▶ _Source material_:

# # #

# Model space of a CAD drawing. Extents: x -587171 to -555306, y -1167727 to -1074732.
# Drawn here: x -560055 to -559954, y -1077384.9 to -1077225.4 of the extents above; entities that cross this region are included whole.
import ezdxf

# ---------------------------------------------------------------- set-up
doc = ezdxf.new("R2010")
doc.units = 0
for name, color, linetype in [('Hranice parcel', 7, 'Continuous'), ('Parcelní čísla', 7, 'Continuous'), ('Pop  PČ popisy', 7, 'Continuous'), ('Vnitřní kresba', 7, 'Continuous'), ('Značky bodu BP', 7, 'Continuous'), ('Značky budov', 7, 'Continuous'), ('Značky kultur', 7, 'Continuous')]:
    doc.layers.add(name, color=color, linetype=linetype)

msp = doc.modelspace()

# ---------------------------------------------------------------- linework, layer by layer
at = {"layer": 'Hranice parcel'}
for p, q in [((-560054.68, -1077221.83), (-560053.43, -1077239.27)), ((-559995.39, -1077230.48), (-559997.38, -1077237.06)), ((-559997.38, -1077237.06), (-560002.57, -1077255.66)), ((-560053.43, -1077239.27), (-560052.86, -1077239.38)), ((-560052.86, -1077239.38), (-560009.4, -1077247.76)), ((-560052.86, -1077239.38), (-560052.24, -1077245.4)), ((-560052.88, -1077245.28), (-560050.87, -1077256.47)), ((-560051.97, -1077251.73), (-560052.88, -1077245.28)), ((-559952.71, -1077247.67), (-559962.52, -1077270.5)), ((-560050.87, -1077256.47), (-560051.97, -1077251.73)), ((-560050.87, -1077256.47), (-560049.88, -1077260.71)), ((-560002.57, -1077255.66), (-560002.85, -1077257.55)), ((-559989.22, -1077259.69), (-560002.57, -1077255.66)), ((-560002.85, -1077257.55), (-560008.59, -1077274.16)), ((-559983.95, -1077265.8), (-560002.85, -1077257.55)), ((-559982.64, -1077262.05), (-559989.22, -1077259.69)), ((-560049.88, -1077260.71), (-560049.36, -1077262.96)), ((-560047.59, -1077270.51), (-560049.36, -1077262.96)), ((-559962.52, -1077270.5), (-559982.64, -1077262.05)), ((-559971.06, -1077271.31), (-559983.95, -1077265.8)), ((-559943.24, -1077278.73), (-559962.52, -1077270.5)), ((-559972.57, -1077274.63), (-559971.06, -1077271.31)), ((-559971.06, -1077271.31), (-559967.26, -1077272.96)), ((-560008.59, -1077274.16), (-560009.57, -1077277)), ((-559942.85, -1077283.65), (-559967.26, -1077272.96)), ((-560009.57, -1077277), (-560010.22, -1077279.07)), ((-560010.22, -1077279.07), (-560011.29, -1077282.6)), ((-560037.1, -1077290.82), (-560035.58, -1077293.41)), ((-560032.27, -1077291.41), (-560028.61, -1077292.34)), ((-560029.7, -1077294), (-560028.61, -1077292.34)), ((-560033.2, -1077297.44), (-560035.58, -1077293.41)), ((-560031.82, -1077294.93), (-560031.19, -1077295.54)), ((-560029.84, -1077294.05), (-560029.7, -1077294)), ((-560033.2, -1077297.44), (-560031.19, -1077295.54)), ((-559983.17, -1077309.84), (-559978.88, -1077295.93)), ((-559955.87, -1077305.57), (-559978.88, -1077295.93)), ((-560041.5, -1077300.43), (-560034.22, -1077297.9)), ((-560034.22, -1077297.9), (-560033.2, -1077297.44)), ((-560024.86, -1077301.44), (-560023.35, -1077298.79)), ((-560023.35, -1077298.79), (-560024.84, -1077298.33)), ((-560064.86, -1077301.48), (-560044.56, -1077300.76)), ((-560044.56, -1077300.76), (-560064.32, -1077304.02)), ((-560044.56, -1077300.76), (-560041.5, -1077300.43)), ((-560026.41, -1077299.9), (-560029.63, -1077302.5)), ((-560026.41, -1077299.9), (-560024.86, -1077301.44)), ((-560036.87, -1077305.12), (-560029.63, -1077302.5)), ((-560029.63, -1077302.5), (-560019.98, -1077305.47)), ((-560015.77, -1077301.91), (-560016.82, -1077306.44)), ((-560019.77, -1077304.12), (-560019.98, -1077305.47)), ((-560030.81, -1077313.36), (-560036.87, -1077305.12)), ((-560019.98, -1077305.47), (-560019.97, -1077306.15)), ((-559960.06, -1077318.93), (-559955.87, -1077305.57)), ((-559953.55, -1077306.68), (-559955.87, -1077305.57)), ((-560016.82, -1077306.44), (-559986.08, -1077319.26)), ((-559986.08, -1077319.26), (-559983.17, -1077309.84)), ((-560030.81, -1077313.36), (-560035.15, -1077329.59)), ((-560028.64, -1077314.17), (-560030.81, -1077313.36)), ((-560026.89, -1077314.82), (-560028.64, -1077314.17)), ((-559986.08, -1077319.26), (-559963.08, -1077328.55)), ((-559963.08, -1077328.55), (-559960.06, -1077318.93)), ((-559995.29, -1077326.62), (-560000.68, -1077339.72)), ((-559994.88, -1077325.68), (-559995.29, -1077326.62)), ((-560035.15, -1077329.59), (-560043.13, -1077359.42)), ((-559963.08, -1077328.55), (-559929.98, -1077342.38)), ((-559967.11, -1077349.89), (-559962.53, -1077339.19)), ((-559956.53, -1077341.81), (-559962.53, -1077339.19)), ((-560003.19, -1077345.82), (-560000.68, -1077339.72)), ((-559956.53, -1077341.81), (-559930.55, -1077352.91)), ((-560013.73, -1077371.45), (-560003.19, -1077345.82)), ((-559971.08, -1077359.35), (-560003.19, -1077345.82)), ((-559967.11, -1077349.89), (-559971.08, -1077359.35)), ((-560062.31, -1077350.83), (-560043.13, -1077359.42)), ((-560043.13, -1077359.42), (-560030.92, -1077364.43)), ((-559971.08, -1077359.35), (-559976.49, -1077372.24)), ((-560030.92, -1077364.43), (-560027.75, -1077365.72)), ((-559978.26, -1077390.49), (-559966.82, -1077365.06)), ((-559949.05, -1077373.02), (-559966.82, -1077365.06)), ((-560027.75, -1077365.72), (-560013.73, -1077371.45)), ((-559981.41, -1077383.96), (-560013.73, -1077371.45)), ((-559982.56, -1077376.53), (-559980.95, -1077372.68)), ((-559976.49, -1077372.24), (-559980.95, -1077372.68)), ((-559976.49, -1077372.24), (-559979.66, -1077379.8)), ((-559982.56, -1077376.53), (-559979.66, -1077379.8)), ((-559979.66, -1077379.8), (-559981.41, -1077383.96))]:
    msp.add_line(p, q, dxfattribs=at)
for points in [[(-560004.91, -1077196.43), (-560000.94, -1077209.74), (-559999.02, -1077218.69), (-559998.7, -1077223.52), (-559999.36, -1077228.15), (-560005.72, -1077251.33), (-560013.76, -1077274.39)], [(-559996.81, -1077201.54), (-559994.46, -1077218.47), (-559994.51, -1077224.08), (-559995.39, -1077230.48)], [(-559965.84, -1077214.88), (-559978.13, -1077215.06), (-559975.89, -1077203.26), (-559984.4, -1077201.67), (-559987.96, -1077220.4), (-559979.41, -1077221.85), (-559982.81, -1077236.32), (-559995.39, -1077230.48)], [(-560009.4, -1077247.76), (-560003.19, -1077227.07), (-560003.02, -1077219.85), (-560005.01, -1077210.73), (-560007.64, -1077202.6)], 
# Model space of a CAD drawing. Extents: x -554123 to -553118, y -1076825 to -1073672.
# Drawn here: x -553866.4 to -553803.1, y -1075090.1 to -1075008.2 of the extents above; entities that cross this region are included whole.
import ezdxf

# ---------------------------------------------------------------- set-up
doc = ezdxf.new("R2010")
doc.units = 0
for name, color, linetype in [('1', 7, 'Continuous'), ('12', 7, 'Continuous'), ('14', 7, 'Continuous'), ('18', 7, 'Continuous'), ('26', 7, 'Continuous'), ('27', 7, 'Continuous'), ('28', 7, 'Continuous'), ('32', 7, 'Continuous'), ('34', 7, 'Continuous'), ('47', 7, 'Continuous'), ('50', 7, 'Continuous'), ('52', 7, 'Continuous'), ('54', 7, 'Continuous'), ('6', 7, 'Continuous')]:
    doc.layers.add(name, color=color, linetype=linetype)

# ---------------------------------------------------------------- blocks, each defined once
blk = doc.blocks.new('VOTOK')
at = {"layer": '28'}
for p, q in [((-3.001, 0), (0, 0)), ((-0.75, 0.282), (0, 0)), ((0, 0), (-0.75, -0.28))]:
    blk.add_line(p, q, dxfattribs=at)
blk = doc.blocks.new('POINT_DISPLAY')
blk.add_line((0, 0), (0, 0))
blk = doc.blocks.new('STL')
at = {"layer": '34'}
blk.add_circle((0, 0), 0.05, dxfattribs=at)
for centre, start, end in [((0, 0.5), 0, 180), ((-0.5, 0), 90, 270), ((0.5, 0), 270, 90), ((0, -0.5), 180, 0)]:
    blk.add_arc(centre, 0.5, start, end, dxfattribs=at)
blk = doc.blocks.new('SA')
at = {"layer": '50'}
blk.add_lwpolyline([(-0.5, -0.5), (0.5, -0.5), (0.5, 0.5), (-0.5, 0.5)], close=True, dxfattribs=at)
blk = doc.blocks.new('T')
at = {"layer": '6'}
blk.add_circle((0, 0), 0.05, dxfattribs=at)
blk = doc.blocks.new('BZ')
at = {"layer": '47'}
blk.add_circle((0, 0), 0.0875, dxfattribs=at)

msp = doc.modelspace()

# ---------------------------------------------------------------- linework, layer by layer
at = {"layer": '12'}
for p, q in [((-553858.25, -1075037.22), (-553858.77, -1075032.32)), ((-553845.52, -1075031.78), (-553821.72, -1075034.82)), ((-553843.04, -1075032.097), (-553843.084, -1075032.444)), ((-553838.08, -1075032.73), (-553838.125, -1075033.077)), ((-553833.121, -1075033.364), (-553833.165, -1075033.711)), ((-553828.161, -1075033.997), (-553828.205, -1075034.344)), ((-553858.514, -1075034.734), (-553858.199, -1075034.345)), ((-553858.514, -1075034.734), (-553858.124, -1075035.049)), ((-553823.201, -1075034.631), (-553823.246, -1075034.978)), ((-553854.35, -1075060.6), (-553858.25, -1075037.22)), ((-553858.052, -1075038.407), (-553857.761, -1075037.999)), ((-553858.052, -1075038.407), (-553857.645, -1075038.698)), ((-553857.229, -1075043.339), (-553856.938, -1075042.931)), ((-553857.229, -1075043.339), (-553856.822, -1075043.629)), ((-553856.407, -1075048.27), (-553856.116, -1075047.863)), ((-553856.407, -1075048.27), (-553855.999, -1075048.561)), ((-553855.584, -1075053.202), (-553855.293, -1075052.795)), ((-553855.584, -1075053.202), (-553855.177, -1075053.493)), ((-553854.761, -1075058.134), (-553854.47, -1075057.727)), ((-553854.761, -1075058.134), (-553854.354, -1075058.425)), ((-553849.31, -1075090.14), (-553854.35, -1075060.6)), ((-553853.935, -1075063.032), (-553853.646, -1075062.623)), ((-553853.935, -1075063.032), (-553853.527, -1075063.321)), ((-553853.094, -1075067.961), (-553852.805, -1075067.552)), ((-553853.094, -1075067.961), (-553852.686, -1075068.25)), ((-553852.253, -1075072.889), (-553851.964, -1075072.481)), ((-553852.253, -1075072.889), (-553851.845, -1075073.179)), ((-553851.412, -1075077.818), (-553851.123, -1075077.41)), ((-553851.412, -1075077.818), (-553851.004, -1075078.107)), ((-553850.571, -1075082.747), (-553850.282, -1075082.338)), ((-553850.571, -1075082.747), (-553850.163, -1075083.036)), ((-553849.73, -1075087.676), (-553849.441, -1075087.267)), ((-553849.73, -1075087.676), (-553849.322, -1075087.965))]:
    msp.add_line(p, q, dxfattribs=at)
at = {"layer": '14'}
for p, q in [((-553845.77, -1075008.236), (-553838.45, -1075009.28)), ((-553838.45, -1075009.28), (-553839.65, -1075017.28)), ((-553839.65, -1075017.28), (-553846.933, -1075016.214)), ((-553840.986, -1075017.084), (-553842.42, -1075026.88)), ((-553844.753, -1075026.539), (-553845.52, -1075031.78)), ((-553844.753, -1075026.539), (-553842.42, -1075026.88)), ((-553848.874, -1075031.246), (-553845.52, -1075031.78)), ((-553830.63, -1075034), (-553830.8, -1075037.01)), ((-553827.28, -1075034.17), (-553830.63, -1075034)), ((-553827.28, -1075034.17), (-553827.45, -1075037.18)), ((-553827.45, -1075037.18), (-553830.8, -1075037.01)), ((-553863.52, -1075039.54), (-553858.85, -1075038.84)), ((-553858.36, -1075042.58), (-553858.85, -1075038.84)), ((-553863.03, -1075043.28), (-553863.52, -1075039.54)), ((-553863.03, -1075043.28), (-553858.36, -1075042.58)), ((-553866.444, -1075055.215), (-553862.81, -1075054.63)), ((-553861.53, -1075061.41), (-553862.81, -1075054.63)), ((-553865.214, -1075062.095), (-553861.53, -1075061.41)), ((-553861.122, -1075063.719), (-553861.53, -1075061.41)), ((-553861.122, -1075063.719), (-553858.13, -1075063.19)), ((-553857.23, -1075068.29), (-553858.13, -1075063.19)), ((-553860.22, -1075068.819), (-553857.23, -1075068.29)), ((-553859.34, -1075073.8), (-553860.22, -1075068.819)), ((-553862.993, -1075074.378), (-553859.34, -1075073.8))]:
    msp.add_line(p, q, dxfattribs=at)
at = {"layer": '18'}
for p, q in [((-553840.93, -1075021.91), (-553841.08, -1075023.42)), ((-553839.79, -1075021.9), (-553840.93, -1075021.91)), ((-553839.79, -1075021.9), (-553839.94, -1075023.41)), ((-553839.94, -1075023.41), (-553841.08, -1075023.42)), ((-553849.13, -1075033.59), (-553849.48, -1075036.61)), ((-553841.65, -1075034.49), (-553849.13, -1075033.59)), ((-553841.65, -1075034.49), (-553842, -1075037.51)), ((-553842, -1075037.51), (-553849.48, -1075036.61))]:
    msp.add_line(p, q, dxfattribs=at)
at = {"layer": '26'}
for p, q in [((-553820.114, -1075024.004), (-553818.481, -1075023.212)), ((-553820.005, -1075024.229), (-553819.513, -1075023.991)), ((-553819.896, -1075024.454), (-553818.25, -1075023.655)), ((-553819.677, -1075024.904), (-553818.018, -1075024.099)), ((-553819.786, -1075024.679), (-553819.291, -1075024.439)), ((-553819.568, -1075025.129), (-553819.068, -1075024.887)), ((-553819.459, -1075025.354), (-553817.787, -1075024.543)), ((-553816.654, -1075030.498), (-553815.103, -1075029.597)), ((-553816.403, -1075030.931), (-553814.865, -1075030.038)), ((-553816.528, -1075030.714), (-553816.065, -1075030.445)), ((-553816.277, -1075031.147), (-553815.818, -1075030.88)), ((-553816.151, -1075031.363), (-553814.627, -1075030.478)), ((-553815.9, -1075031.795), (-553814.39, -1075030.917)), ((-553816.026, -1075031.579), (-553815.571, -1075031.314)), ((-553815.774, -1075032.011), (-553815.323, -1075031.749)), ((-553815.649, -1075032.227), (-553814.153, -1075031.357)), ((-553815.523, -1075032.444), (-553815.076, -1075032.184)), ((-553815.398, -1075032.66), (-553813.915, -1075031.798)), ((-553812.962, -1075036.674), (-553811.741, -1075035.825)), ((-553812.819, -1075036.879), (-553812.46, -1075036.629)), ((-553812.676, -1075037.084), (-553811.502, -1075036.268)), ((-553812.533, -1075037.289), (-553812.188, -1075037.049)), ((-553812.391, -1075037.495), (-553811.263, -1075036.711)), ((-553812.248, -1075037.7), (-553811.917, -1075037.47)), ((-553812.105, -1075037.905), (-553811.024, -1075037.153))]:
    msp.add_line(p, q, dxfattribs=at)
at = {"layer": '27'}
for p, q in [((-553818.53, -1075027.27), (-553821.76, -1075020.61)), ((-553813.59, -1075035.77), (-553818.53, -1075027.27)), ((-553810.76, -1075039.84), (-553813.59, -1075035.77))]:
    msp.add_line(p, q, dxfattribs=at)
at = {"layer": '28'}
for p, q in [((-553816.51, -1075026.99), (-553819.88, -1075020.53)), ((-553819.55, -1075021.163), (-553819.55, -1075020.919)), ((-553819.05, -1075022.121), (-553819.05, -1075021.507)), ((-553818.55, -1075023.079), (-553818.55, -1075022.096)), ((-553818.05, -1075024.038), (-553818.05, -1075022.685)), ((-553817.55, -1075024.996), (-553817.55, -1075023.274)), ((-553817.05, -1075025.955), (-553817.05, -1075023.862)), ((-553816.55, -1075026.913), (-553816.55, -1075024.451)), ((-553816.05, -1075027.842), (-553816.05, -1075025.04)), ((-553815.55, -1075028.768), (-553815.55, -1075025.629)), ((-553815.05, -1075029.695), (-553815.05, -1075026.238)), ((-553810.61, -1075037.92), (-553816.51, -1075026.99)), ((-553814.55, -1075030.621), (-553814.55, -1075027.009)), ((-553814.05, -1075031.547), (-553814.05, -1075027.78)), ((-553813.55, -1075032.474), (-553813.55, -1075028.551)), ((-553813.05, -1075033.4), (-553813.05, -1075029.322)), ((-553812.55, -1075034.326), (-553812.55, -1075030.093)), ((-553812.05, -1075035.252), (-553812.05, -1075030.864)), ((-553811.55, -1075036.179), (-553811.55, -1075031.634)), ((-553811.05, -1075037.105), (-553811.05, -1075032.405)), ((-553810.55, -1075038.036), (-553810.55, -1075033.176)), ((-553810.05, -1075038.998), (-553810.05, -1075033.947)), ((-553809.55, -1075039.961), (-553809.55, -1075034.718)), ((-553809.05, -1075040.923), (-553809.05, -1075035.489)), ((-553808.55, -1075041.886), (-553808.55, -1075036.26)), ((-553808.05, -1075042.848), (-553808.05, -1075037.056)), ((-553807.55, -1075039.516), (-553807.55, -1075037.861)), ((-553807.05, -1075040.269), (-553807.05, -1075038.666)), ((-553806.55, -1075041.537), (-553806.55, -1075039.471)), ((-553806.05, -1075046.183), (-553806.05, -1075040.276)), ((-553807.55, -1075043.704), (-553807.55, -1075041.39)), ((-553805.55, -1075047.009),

# # #

▶ _Prompt_:
Filter these records, keeping every line where the word "whole" occurs.

▶ _Answer to the problem_:
# Drawn here: x -560055 to -559954, y -1077384.9 to -1077225.4 of the extents above; entities that cross this region are included whole.
# Drawn here: x -553866.4 to -553803.1, y -1075090.1 to -1075008.2 of the extents above; entities that cross this region are included whole.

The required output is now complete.